Travestiti da peshmerga
Gli assalti sono avvenuti nelle stesse ore. A Kobane, dove Isis era stata sconfitta in gennaio, i jihadisti si sono infiltrati fra gruppi di profughi che tornavano in città e hanno iniziato «a fare fuoco sulla gente che dormiva» - secondo le testimonianze locali raccolte dall’Osservatorio sui diritti umani in Siria, di base a Londra - nella notte fra mercoledì e giovedì, subito dopo l’esplosione di almeno due autobombe per un bilancio complessivo di almeno 50 vittime di cui 20 - donne e bambini - nel villaggio curdo di Bakha Botan.

I miliziani di Isis «erano vestiti con divise peshmerga» e «almeno una delle due autobombe» sarebbe entrata dalla Turchia, secondo fonti del partito curdo siriano Ypg, a conferma del tacito sostegno di Ankara per i jihadisti.

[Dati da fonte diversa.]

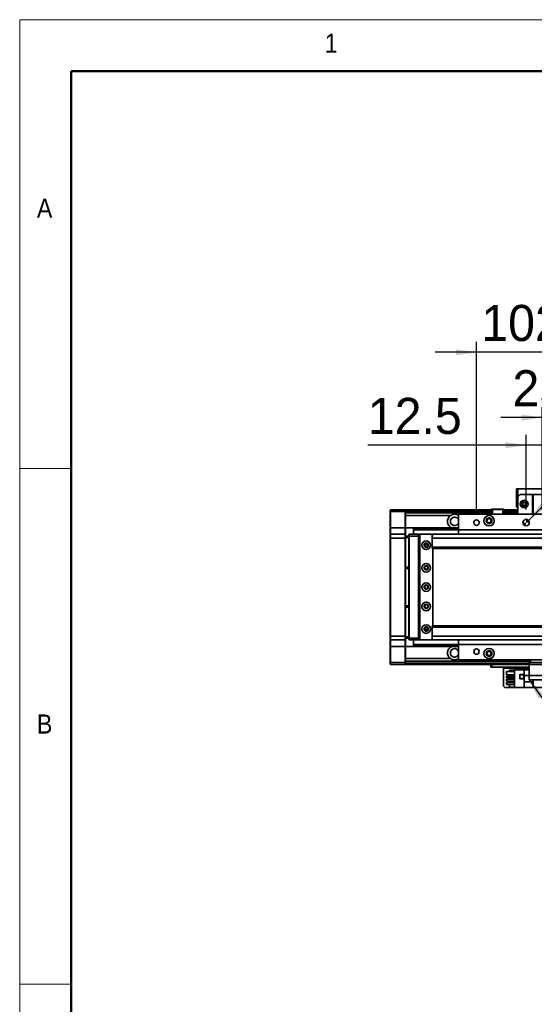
# Model space of a CAD drawing. Header units: millimetres. Extents: x 40 to 3320, y 40 to 2336.
# Tile 3 of 12: x 40 to 439, y 1572 to 2336. Entities that reach past the tile are written whole.
import ezdxf

# ---------------------------------------------------------------- set-up
doc = ezdxf.new("R2010")
doc.units = ezdxf.units.MM
doc.header["$LTSCALE"] = 8
doc.layers.add('黑色实线', color=7, linetype='Continuous')
doc.styles.add('SLDTEXTSTYLE1', font='Gothic.ttf', dxfattribs={"width": 0.913})
doc.styles.add('SLDTEXTSTYLE8', font='txt')
doc.dimstyles.new('SLDDIMSTYLE0', dxfattribs={"dimtxt": 28, "dimasz": 16, "dimexe": 0, "dimexo": 0.0625, "dimgap": 7, "dimtad": 2, "dimdec": 1, "dimrnd": 1e-09, "dimzin": 4, "dimdsep": 46, "dimtxsty": 'SLDTEXTSTYLE8', "dimsah": 1, "dimcen": 0.09, "dimadec": 0, "dimazin": 1, "dimtfac": 1, "dimtdec": 1, "dimtmove": 0, "dimatfit": 0, "dimfxl": 0, "dimfrac": 2, "dimtolj": 1, "dimtzin": 12, "dimarcsym": 0})
doc.dimstyles.new('SLDDIMSTYLE1', dxfattribs={"dimtxt": 28, "dimasz": 16, "dimexe": 0, "dimexo": 0.0625, "dimgap": 7, "dimtad": 2, "dimdec": 1, "dimrnd": 1e-09, "dimzin": 12, "dimdsep": 46, "dimtxsty": 'SLDTEXTSTYLE8', "dimsah": 1, "dimcen": 0.09, "dimadec": 0, "dimazin": 3, "dimtfac": 1, "dimtdec": 1, "dimtmove": 0, "dimatfit": 0, "dimfxl": 0, "dimfrac": 2, "dimtolj": 1, "dimtzin": 12, "dimarcsym": 0})
doc.dimstyles.new('SLDDIMSTYLE2', dxfattribs={"dimtxt": 0.18, "dimasz": 16, "dimexe": 0, "dimexo": 0.0625, "dimgap": 0, "dimtad": 0, "dimtih": 1, "dimtoh": 1, "dimdec": 0, "dimrnd": 1e-09, "dimzin": 0, "dimdsep": 46, "dimtxsty": 'Standard', "dimsah": 1, "dimcen": 0.09, "dimadec": 0, "dimazin": 0, "dimtfac": 16, "dimtdec": 0, "dimtofl": 0, "dimtmove": 0, "dimatfit": 3, "dimfxl": 0, "dimfrac": 2, "dimtolj": 1, "dimtzin": 0, "dimarcsym": 0})
doc.dimstyles.new('SLDDIMSTYLE4', dxfattribs={"dimtxt": 28, "dimasz": 16, "dimexe": 0, "dimexo": 0.0625, "dimgap": 7, "dimtad": 0, "dimtih": 1, "dimtoh": 1, "dimdec": 1, "dimrnd": 1e-09, "dimzin": 4, "dimdsep": 46, "dimtxsty": 'SLDTEXTSTYLE8', "dimsah": 1, "dimcen": 0, "dimadec": 0, "dimazin": 1, "dimtfac": 1, "dimtdec": 1, "dimtofl": 0, "dimtmove": 0, "dimatfit": 3, "dimfxl": 0, "dimfrac": 2, "dimtolj": 1, "dimtzin": 12, "dimarcsym": 0})

# ---------------------------------------------------------------- blocks, each defined once
blk = doc.blocks.new('_D_7')
at = {"layer": '黑色实线'}
for p, q in [((394.51, 1956.11), (394.51, 2086.07)), ((496.51, 1956.11), (496.51, 2086.07)), ((394.51, 2078.07), (362.51, 2078.07)), ((496.51, 2078.07), (394.51, 2078.07)), ((496.51, 2078.07), (528.51, 2078.07))]:
    blk.add_line(p, q, dxfattribs=at)
for points in [[(394.51, 2078.07), (378.51, 2080.47), (378.51, 2075.67)], [(496.51, 2078.07), (512.51, 2075.67), (512.51, 2080.47)]]:
    blk.add_solid(points, dxfattribs=at)
at = {"layer": '黑色实线', "insert": (398.25, 2114.81), "char_height": 28, "attachment_point": 1, "style": 'SLDTEXTSTYLE8'}
blk.add_mtext('102.0', dxfattribs=at)
blk = doc.blocks.new('SW_SYMBOL_HOLE_DEPTH')
at = {"layer": '黑色实线', "color": 0}
for p, q in [((0, 7000), (6400, 7000)), ((3200, 7000), (3200, 600)), ((800, 4440), (3200, 600)), ((5600, 4440), (3200, 600))]:
    blk.add_line(p, q, dxfattribs=at)
blk = doc.blocks.new('_D_10')
at = {"layer": '黑色实线'}
for p, q in [((434.8, 1947.7), (511.96, 2023.42)), ((511.96, 2023.42), (543.96, 2023.42))]:
    blk.add_line(p, q, dxfattribs=at)
blk.add_solid([(434.8, 1947.7), (447.9, 1957.19), (444.54, 1960.62)], dxfattribs=at)
at = {"layer": '黑色实线', "xscale": 0.004592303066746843, "yscale": 0.004592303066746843, "zscale": 0.004592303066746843}
blk.add_blockref('SW_SYMBOL_HOLE_DEPTH', (755.92, 2004.89), dxfattribs=at)
at = {"layer": '黑色实线', "char_height": 28, "attachment_point": 1, "style": 'SLDTEXTSTYLE8'}
for s, insert in [('2X ', (543.96, 2037.53)), ('%%c', (596.61, 2037.26)), (' 5.0H7 ', (639.88, 2037.53)), (' 7.0', (796.9, 2037.53))]:
    blk.add_mtext(s, dxfattribs=dict(at, insert=insert))
blk = doc.blocks.new('_D_11')
at = {"layer": '黑色实线'}
for p, q in [((445.51, 1994.82), (445.51, 2035.42)), ((471.01, 1956.11), (471.01, 2035.42)), ((445.51, 2027.42), (413.51, 2027.42)), ((471.01, 2027.42), (445.51, 2027.42)), ((471.01, 2027.42), (503.01, 2027.42))]:
    blk.add_line(p, q, dxfattribs=at)
for points in [[(445.51, 2027.42), (429.51, 2029.82), (429.51, 2025.02)], [(471.01, 2027.42), (487.01, 2025.02), (487.01, 2029.82)]]:
    blk.add_solid(points, dxfattribs=at)
at = {"layer": '黑色实线', "insert": (422.41, 2064.16), "char_height": 28, "attachment_point": 1, "style": 'SLDTEXTSTYLE8'}
blk.add_mtext('25.5', dxfattribs=at)
blk = doc.blocks.new('_D_12')
at = {"layer": '黑色实线'}
for p, q in [((433.01, 1956.11), (433.01, 2013.99)), ((445.51, 1956.11), (445.51, 2013.99)), ((433.01, 2005.99), (310.18, 2005.99)), ((445.51, 2005.99), (433.01, 2005.99)), ((445.51, 2005.99), (477.51, 2005.99))]:
    blk.add_line(p, q, dxfattribs=at)
for points in [[(433.01, 2005.99), (417.01, 2008.39), (417.01, 2003.59)], [(445.51, 2005.99), (461.51, 2003.59), (461.51, 2008.39)]]:
    blk.add_solid(points, dxfattribs=at)
at = {"layer": '黑色实线', "insert": (310.18, 2042.73), "char_height": 28, "attachment_point": 1, "style": 'SLDTEXTSTYLE8'}
blk.add_mtext('12.5', dxfattribs=at)
blk = doc.blocks.new('SW_DOWELSYMBOL_0')
at = {"linetype": 'Continuous', "lineweight": 18}
h = blk.add_hatch(color=0, dxfattribs=at)
edge = h.paths.add_edge_path(flags=0)
edge.add_arc((0, 0), 2.5, 180, 270)
edge.add_line((0, -2.5), (0, 0))
edge.add_line((0, 0), (-2.5, 0))
h = blk.add_hatch(color=0, dxfattribs=at)
edge = h.paths.add_edge_path(flags=0)
edge.add_arc((0, 0), 2.5, 0, 90)
edge.add_line((0, 2.5), (0, 0))
edge.add_line((0, 0), (2.5, 0))
at = {"layer": '黑色实线', "color": 0}
blk.add_circle((0, 0), 2.5, dxfattribs=at)

msp = doc.modelspace()

# ---------------------------------------------------------------- linework, layer by layer
at = {"color": 7, "linetype": 'Continuous', "lineweight": 18}
for p, q in [((3320, 2336), (40, 2336)), ((40, 2336), (40, 40)), ((80, 2296), (3280, 2296)), ((80, 2296), (80, 80)), ((80, 1988), (40, 1988)), ((40, 1588), (80, 1588))]:
    msp.add_line(p, q, dxfattribs=at)
at = {"color": 7, "linetype": 'Continuous', "lineweight": 50}
for p, q in [((3280, 2296), (80, 2296)), ((80, 2296), (80, 80))]:
    msp.add_line(p, q, dxfattribs=at)
at = {"color": 7, "linetype": 'Continuous', "lineweight": 35}
for p, q in [((425.5144632, 1972.2473779), (426.5144802, 1972.2473779)), ((425.5144632, 1972.2473779), (425.5144632, 1957.8473763)), ((426.5144802, 1965.8473739), (426.5144802, 1972.2473779)), ((426.5144802, 1972.2473779), (460.5144597, 1972.2473779)), ((428.5144544, 1967.8473779), (426.5144802, 1965.8473739)), ((426.5144802, 1965.8473739), (426.5144802, 1952.4473743)), ((428.5144544, 1967.8473779), (438.0144811, 1967.8473779)), ((438.0144811, 1952.4473743), (438.0144811, 1967.8473779)), ((438.0144811, 1967.8473779), (438.5144747, 1967.8473779)), ((438.5144747, 1967.8473779), (438.5144747, 1952.4473743)), ((448.5144652, 1967.8473779), (438.5144747, 1967.8473779)), ((327.5144733, 1955.6525135), (327.8144634, 1955.9525148)), ((327.5144733, 1954.4525155), (327.5144733, 1955.6525135)), ((327.8144634, 1955.9525148), (327.8144634, 1954.4525155)), ((327.8144634, 1955.9525148), (339.2144627, 1955.9525148)), ((339.2144627, 1954.4525155), (339.2144627, 1955.9525148)), ((339.2144627, 1955.9525148), (339.5144678, 1955.6525135)), ((406.0144759, 1955.9525148), (339.5144678, 1955.9525148)), ((339.5144678, 1955.9525148), (339.5144678, 1955.6525135)), ((339.5144678, 1955.6525135), (339.5144678, 1954.4525155)), ((406.0144759, 1955.4525138), (339.5144678, 1955.4525138)), ((405.5144823, 1955.7525152), (406.0144759, 1955.7525152)), ((405.5144823, 1955.7525152), (405.5144823, 1955.5525155)), ((405.5144823, 1955.5525155), (406.0144759, 1955.5525155)), ((405.5144823, 1955.4525138), (405.5144823, 1955.5525155)), ((406.3144661, 1956.4473749), (406.0144759, 1956.1473773)), ((406.0144759, 1952.4473743), (406.0144759, 1956.1473773)), ((407.014463, 1956.1473773), (406.0144759, 1956.1473773)), ((406.3144661, 1956.4473749), (407.1387387, 1956.4473749)), ((407.014463, 1956.1473773), (407.1387387, 1956.4473749)), ((407.014463, 1956.1473773), (407.014463, 1952.4473743)), ((415.0144792, 1956.1473773), (407.014463, 1956.1473773)), ((407.1387387, 1956.4473749), (414.8902035, 1956.4473749)), ((415.0144792, 1956.1473773), (414.8902035, 1956.4473749)), ((414.8902035, 1956.4473749), (415.7144762, 1956.4473749)), ((416.0144663, 1956.1473773), (415.0144792, 1956.1473773)), ((415.0144792, 1952.4473743), (415.0144792, 1956.1473773)), ((416.0144663, 1956.1473773), (415.7144762, 1956.4473749)), ((416.0144663, 1956.1473773), (416.0144663, 1952.4473743)), ((426.5144802, 1955.9525148), (416.0144663, 1955.9525148)), ((416.0144663, 1955.7525152), (426.5144802, 1955.7525152)), ((416.0144663, 1955.5525155), (426.5144802, 1955.5525155)), ((426.5144802, 1955.4525138), (416.0144663, 1955.4525138)), ((425.5144632, 1957.8473763), (426.5144802, 1957.8473763)), ((327.5144733, 1954.4525155), (327.8144634, 1954.4525155)), ((327.5144733, 1941.9525125), (327.5144733, 1954.4525155)), ((339.2144627, 1954.4525155), (327.8144634, 1954.4525155)), ((327.8144634, 1954.4525155), (327.8144634, 1941.9525125)), ((339.2144627, 1954.4525155), (339.5144678, 1954.4525155)), ((339.2144627, 1941.9525125), (339.2144627, 1954.4525155)), ((339.5144678, 1954.4525155), (339.5144678, 1941.9525125)), ((406.0144759, 1953.4473763), (339.5144678, 1953.4473763)), ((374.344889, 1951.447376), (339.5144678, 1951.447376)), ((510.5144716, 1952.4473743), (380.5144764, 1952.4473743)), ((380.5144764, 1952.4473743), (380.5144764, 1940.447376)), ((426.5144802, 1953.4473763), (416.0144663, 1953.4473763)), ((327.5144733, 1941.9525125), (327.8144634, 1941.9525125)), ((327.5144733, 1936.6525122), (327.5144733, 1941.9525125)), ((327.8144634, 1941.9525125), (327.8144634, 1936.9525136)), ((339.2144627, 1941.9525125), (327.8144634, 1941.9525125)), ((339.2144627, 1936.9525136), (339.2144627, 1941.9525125)), ((339.2144627, 1941.9525125), (339.5144678, 1941.9525125)), ((339.5144678, 1941.9525125), (339.5144678, 1936.6525122)), ((345.5144799, 1941.9473753), (339.5144678, 1941.9473753)), ((345.5144799, 1941.9473753), (380.5144764, 1941.9473753)), ((345.5144799, 1941.9473753), (345.5144799, 1941.6543552)), ((345.5144799, 1941.6543552), (380.5144764, 1941.6543552)), ((345.5144799, 1941.6543552), (345.5144799, 1940.7554948)), ((345.5144799, 1940.7554948), (345.5144799, 1940.4624746)), ((345.5144799, 1940.7554948), (380.5144764, 1940.7554948)), ((345.5144799, 1940.4624746), (380.5144764, 1940.4624746)), ((345.5144799, 1940.4624746), (345.5144799, 1936.9525136)), ((379.7945119, 1941.9473753), (380.5144764, 1942.3427404)), ((510.5144716, 1940.447376), (380.5144764, 1940.447376)), ((380.5144764, 1940.447376), (380.5144764, 1936.9525136)), ((327.8144634, 1936.9525136), (327.5144733, 1936.6525122)), ((327.5144733, 1933.9525149), (327.5144733, 1936.6525122)), ((327.5144733, 1857.9525137), (327.5144733, 1933.9525149)), ((327.8144634, 1933.9525149), (327.5144733, 1933.9525149)), ((327.8144634, 1936.9525136), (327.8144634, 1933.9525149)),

Ma il portavoce turco Tanju Bilgic parla di «bugie senza fondamento».

Il ritorno di Isis nelle strade di Kobane è un successo tattico che si accompagna all’offensiva su Hassakah, la maggiore città del Nord-Est siriano anch’essa nelle mani dei peshmerga, bersagliata da colpi di artiglieria. La simultanea offensiva avviene a una settimana di distanza dallo smacco subito da Isis a Tal Abyad, la città al confine Siria-Turchia che si trova sulla strada che unisce Kobane e Hassakah. La sconfitta di Tal Abyad è stata pesante per Isis perché si tratta del maggiore punto di transito via terra fra la Turchia e Raqqa, la maggiore città del Califfato in Siria. I jihadisti stanno dunque tentando di aggredire la fascia di territorio controllata dai curdi al confine con la Turchia al fine di mantenere aperte le vie di comunicazione da dove continuano a ricevere volontari, armi e rifornimenti grazie ad ogni sorta di traffici illegali, incluso quello del greggio. Nel conflitto fra peshmerga e jihadisti «Ankara aiuta il Califfo» accusa Salih Muslim, leader del partito democratico curdo siriano Pyd, secondo il quale «alcuni miliziani di Isis sono arrivati dalla Turchia».

Ambiguità dei turchi
Il nuovo capitolo della guerra civile siriana, iniziata nel 2011 e costata oltre 200 mila morti, sottolinea la scelta dei jihadisti di andare ad una resa dei conti con le minoranze meglio armate: se Isis al Nord attacca i curdi, i rivali di Al Nusra nel Sud hanno aggredito almeno un villaggio druso, causando molte vittime. Curdi e drusi hanno avuto per decenni un rapporto di tacita coesistenza con il regime di Assad e vedono nella sua possibile caduta l’opportunità di creare proprie aree semi-indipendenti che stridono con il progetto islamico di impossessarsi dell’intera nazione.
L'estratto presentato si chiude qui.